Based on the most recent information for the academic year 2011-2012 obtained through a Freedom of Information Act request, the programs appear to violate federal and state law by forcing students into a single-sex environment, relying on harmful gender stereotypes and depriving students of equal educational opportunities merely because of their sex.
The ACLU’s letter called upon state education officials to enforce federal and state laws that prohibit discrimination based on sex in school districts where Florida’s students are being denied their right to an education free from sex stereotypes and other forms of sex discrimination. The organization’s letter also calls upon the Florida DOE to immediately investigate whether unlawful single-sex programs that were in place during the 2010-2011 academic year have continued into the current 2011-2012 school year.

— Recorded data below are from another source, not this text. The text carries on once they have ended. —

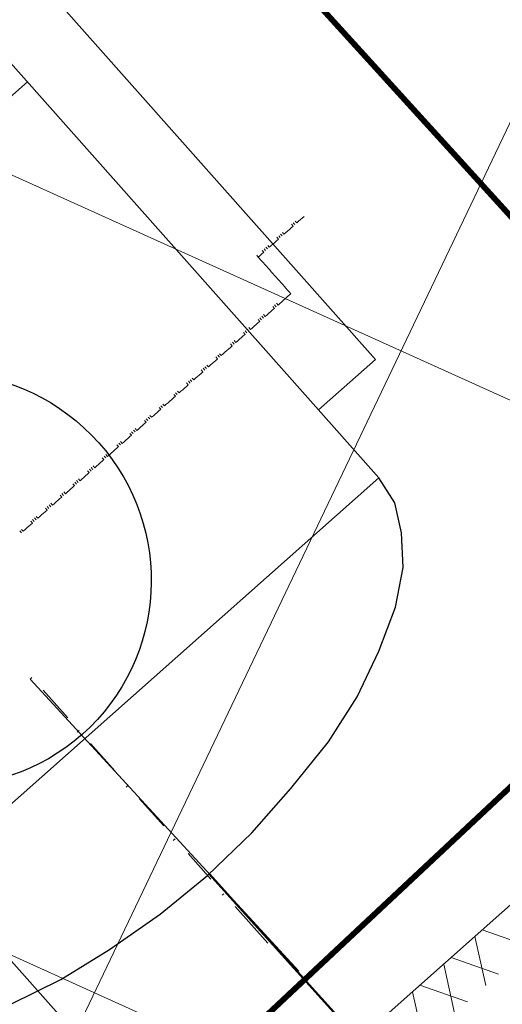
# Model space of a CAD drawing. Header units: centimetres. Extents: x 843425950 to 843478602, y 588811213 to 588851397.
# Tile 44 of 89: x 843442489 to 843442572, y 588832332 to 588832503. Entities that reach past the tile are written whole.
import ezdxf
from ezdxf import colors
from ezdxf.entities.mleader import LeaderData, LeaderLine
from ezdxf.lldxf.tags import DXFTag
from ezdxf.math import Vec2, Vec3

# ---------------------------------------------------------------- set-up
doc = ezdxf.new("R2010")
doc.units = ezdxf.units.CM
doc.header["$MEASUREMENT"] = 0
doc.linetypes.add('EGBU01', pattern=[1, 0.5, -0.5])
doc.layers.get('0').update_dxf_attribs({"lineweight": 5})
for name, color, linetype, lineweight in [('0-LINIA CIENKA', 8, 'Continuous', 9), ('IS_gaz_ZEW', 40, 'GAS_LINE', 30), ('IS_lpg_proj_opis', 7, 'Continuous', 5), ('S_strefa zagrożenia wybuchem', 7, 'EGBU01', 13), ('wymiarowanie', 123, 'Continuous', 5)]:
    doc.layers.add(name, color=color, linetype=linetype, lineweight=lineweight)
doc.layers.add('IS_Grafika', color=7, linetype='SOLID', lineweight=9, true_color=0x000000)
doc.styles.add('IS_W-K_opisy', font='romans.shx', dxfattribs={"width": 0.7, "height": 20})
doc.styles.get("Standard").update_dxf_attribs({"font": 'ARIAL.TTF'})
tags = doc.linetypes.add('GAS_LINE', pattern='A,0.5,-0.2,["GAS",Standard,S=0.1,R=0,X=-0.1,Y=-0.05],-0.25', length=0.95).pattern_tags.tags
tags[6] = DXFTag(74, 10)
tags = doc.linetypes.add('SOLID', pattern=[10, 10, 0]).pattern_tags.tags
tags[6:7] = [DXFTag(74, 4), DXFTag(75, 0), DXFTag(340, '0'), DXFTag(46, 0.0), DXFTag(50, 0.0), DXFTag(44, 0.0), DXFTag(45, 0.0)]
tags[4:5] = [DXFTag(74, 4), DXFTag(75, 0), DXFTag(340, '0'), DXFTag(46, 0.0), DXFTag(50, 0.0), DXFTag(44, 0.0), DXFTag(45, 0.0)]
picture_1 = doc.add_image_def('image1.jpg', size_in_pixel=(6614, 4677))

# ---------------------------------------------------------------- blocks, each defined once
blk = doc.blocks.new('PZT BARSZCZEWO')
at = {"layer": '0-LINIA CIENKA', "lineweight": 5, "ltscale": 2, "transparency": 33554687}
h = blk.add_hatch(dxfattribs=at)
h.set_pattern_fill('ANSI37', color=256, scale=1000, angle=20)
h.set_pattern_definition([(65, (0, 0), (-113.2884733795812, 52.82728271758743), []), (155, (0, 0), (-52.82728271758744, -113.2884733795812), [])])
edge = h.paths.add_edge_path()
edge.add_line((843441756.9641684, 588833158.7344854), (843442575.483008, 588832236.5806395))
edge.add_line((843442575.483008, 588832236.5806395), (843444368.2496421, 588833842.5538505))
edge.add_line((843444368.2496421, 588833842.5538505), (843443655.9849038, 588834657.7236509))
edge.add_line((843443655.9849038, 588834657.7236509), (843443055.3110482, 588834184.0961442))
edge.add_line((843443055.3110482, 588834184.0961442), (843442940.5186727, 588834093.6003145))
edge.add_line((843442923.836077, 588834078.4714526), (843441756.9641684, 588833158.7344854))
h.paths.add_polyline_path([(843444368.2496421, 588833842.5538505), (843445637.7722989, 588832389.7115824), (843445134.1501327, 588831938.9706669), (843444877.3431487, 588832225.9353465), (843444824.5023687, 588832178.7412899), (843444831.1155701, 588832169.6302025), (843444743.8351632, 588832091.7792779), (843443710.0761355, 588833247.9569395)])
at = {"layer": '0-LINIA CIENKA', "lineweight": 5}
blk.add_lwpolyline([(843445857.3630925, 588831898.6198714), (843447138.6359024, 588830466.158091), (843445831.1840787, 588829296.7010804), (843444519.8993205, 588830762.8326923), (843444172.2889293, 588830452.2141654), (843441756.9641684, 588833158.7344854), (843441638.4697181, 588833065.1384088), (843442958.8022035, 588831577.9526678), (843445771.8025886, 588828408.9522345), (843447895.8025885, 588830292.9522344), (843443908.469718, 588834857.1384088), (843443815.3341043, 588834783.5790703), (843444335.7263331, 588834198.4734591), (843445164.3840805, 588833239.094072), (843445252.8240373, 588833317.8277335), (843445759.6749945, 588832737.7380258), (843445671.4237385, 588832658.8012358), (843446124.5265102, 588832138.2112857)], close=True, dxfattribs=at)
at = {"layer": 'wymiarowanie', "lineweight": 5, "ltscale": 0.5}
image = blk.add_image(picture_1, insert=(843431362.0643705, 588824232.5320414), size_in_units=(21007.289183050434, 14855.018374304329), rotation=0.10583542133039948, dxfattribs=at)
image.dxf.flags = 7
blk = doc.blocks.new('_Closed')
at = {"color": 0, "linetype": 'ByBlock', "lineweight": -2}
for p, q in [((-1, 0.1666666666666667), (0, 0)), ((-1, 0.1666666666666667), (-1, -0.1666666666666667)), ((0, 0), (-1, -0.1666666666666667)), ((0, 0), (-1, 0))]:
    blk.add_line(p, q, dxfattribs=at)

msp = doc.modelspace()

# ---------------------------------------------------------------- block references
msp.add_blockref('PZT BARSZCZEWO', (0, 0))

# ---------------------------------------------------------------- next in the draw order: hatches: boundary and pattern name
at = {"layer": 'S_strefa zagrożenia wybuchem'}
h = msp.add_hatch(dxfattribs=at)
h.set_pattern_fill('AR-CONC', color=1, scale=9.999999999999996, angle=359.8311976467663)
h.set_pattern_definition([(49.83119764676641, (843444005.5862415, 588831444.9671925), (71.70721923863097, -6.486502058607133), [7.49999999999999, -82.49999999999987]), (354.8311976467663, (843444005.5862415, 588831444.9671925), (-13.65346586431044, 75.25976518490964), [5.999999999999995, -65.99999999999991]), (100.2826421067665, (843444011.561843, 588831444.4266508), (58.05375314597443, 68.77326235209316), [6.37401919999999, -70.11421119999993]), (46.01539764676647, (843444005.6451646, 588831464.9671057), (106.6749053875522, -16.86628182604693), [11.25, -123.75]), (96.46683313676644, (843444014.5347368, 588831463.561579), (93.75277913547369, 97.13607164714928), [9.561034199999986, -105.1713759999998]), (351.0153616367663, (843444005.6451646, 588831464.9671057), (93.75277907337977, 97.13607159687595), [8.999999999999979, -99.00000009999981]), (20.83119764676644, (843444015.6303904, 588831459.9376659), (59.57182849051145, -40.43757225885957), [7.499999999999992, -82.4999999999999]), (325.8311976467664, (843444015.6303904, 588831459.9376659), (24.54506786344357, 72.44300538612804), [5.999999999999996, -65.99999999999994]), (71.28264238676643, (843444020.5947094, 588831456.5678682), (84.11689562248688, 32.00543297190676), [6.374018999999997, -70.11421119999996]), (37.33119764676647, (843444005.5862415, 588831444.9671925), (1.314055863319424, 33.28565843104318), [0, -65.2, 0, -67, 0, -66.25000000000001]), (7.331197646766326, (843444005.5862415, 588831444.9671925), (26.42303928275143, 39.36349571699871), [0, -38.19999999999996, 0, -63.69999999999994, 0, -25.24999999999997]), (327.3311976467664, (843443983.2863383, 588831445.0328918), (53.37536693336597, -2.412749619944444), [0, -24.99999999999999, 0, -77.99999999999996, 0, -103.4999999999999]), (317.3311976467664, (843443973.2863817, 588831445.0623533), (58.34785629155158, 9.838639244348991), [0, -32.49999999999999, 0, -51.79999999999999, 0, -73.49999999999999])])
edge = h.paths.add_edge_path()
edge.add_arc((843442474.7323442, 588832394.8086982), 150, 166.4400334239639, 166.4400334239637)

# ---------------------------------------------------------------- next in the draw order: linework, layer by layer
at = {"color": 0}
for p, q in [((843442534.7700944, 588832465.5202175), (843442535.4032612, 588832466.0823117)), ((843442530.3379447, 588832461.5855755), (843442530.900039, 588832460.9524087))]:
    msp.add_line(p, q, dxfattribs=at)
msp.add_line((843442537.3245329, 588832338.2102805), (843442490.9168981, 588832388.6621121))
for points in [[(843442467.3868973, 588832537.597593), (843442550.5764956, 588832443.8892635), (843442540.7624499, 588832435.1768414)], [(843442490.4552271, 588832491.8450537), (843442388.8323413, 588832401.6293057)], [(843442536.986171, 588832467.4875404), (843442536.7051272, 588832467.8041201)], [(843442536.986171, 588832467.4875404), (843442537.3027544, 588832467.7685874)], [(843442537.3027544, 588832467.7685874), (843442537.6193341, 588832468.049631)], [(843442537.6193341, 588832468.049631), (843442537.9359174, 588832468.3306781)], [(843442537.9359174, 588832468.3306781), (843442538.252501, 588832468.6117252)], [(843442535.4032612, 588832466.0823117), (843442535.7198409, 588832466.3633554)], [(843442535.7198409, 588832466.3633554), (843442536.0364244, 588832466.6444026)], [(843442536.0364244, 588832466.6444026), (843442536.3530078, 588832466.9254495)], [(843442536.3530078, 588832466.9254495), (843442536.071964, 588832467.2420292)], [(843442536.6695874, 588832467.2064933), (843442536.3885437, 588832467.5230728)], [(843442533.1871846, 588832464.1149889), (843442533.503768, 588832464.396036)], [(843442533.503768, 588832464.396036), (843442533.8203478, 588832464.6770797)], [(843442533.8203478, 588832464.6770797), (843442533.539304, 588832464.9936595)], [(843442534.1369312, 588832464.9581268), (843442533.8558874, 588832465.2747065)], [(843442534.4535146, 588832465.239174), (843442534.1724708, 588832465.5557536)], [(843442534.7700944, 588832465.5202175), (843442534.4890506, 588832465.8367974)], [(843442531.2876915, 588832462.4287134), (843442531.0066476, 588832462.745293)], [(843442531.6042747, 588832462.7097603), (843442531.3232312, 588832463.0263401)], [(843442531.9208546, 588832462.9908042), (843442531.6398108, 588832463.3073838)], [(843442532.2374381, 588832463.2718512), (843442531.9563943, 588832463.5884308)], [(843442532.2374381, 588832463.2718512), (843442532.5540214, 588832463.5528983)], [(843442532.5540214, 588832463.5528983), (843442532.8706012, 588832463.833942)], [(843442532.8706012, 588832463.833942), (843442533.1871846, 588832464.1149889)], [(843442530.3379447, 588832461.5855755), (843442530.0569011, 588832461.9021552)], [(843442530.3379447, 588832461.5855755), (843442530.6545284, 588832461.8666226)], [(843442530.6545284, 588832461.8666226), (843442530.971108, 588832462.1476662)], [(843442530.900039, 588832460.9524087), (843442531.1810827, 588832460.6358289)], [(843442530.971108, 588832462.1476662), (843442531.2876915, 588832462.4287134)], [(843442531.1810827, 588832460.6358289), (843442531.4621296, 588832460.3192453)], [(843442531.4621296, 588832460.3192453), (843442531.7431767, 588832460.0026621)], [(843442532.0242205, 588832459.6860822), (843442531.7431767, 588832460.0026621)], [(843442532.3052675, 588832459.3694988), (843442532.0242205, 588832459.6860822)], [(843442532.5863147, 588832459.0529153), (843442532.3052675, 588832459.3694988)], [(843442532.5863147, 588832459.0529153), (843442532.8673583, 588832458.7363358)], [(843442532.8673583, 588832458.7363358), (843442533.1484053, 588832458.4197522)], [(843442533.1484053, 588832458.4197522), (843442533.4294524, 588832458.1031688)], [(843442533.4294524, 588832458.1031688), (843442533.7104962, 588832457.7865891)], [(843442533.7104962, 588832457.7865891), (843442533.9915433, 588832457.4700056)], [(843442534.2725902, 588832457.1534222), (843442533.9915433, 588832457.4700056)], [(843442534.5536339, 588832456.8368427), (843442534.2725902, 588832457.1534222)], [(843442534.5536339, 588832456.8368427), (843442534.834681, 588832456.520259)], [(843442534.834681, 588832456.520259), (843442535.1157279, 588832456.2036756)], [(843442535.1157279, 588832456.2036756), (843442535.3967718, 588832455.8870959)], [(843442535.3967718, 588832455.8870959), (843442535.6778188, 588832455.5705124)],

The request is part of the ACLU’s multi-state “Teach Kids, Not Stereotypes” initiative to end the practice of separating boys and girls based on discredited science rooted in outdated stereotypes. An investigation by the ACLU reveals that many programs in Florida have been based on these disputed theories suggesting that boys and girls learn so differently that they need to be educated separately. Additionally, some schools illegally have made participation in the programs mandatory by not offering a viable co-ed alternative.
In the past few weeks, the ACLU has also sent similar public records requests to schools and school districts in Massachusetts, Indiana, Idaho Washington and Illinois, and continues to review records from pending requests in several other states, including Alabama, Wisconsin, North Carolina, South Carolina and Virginia.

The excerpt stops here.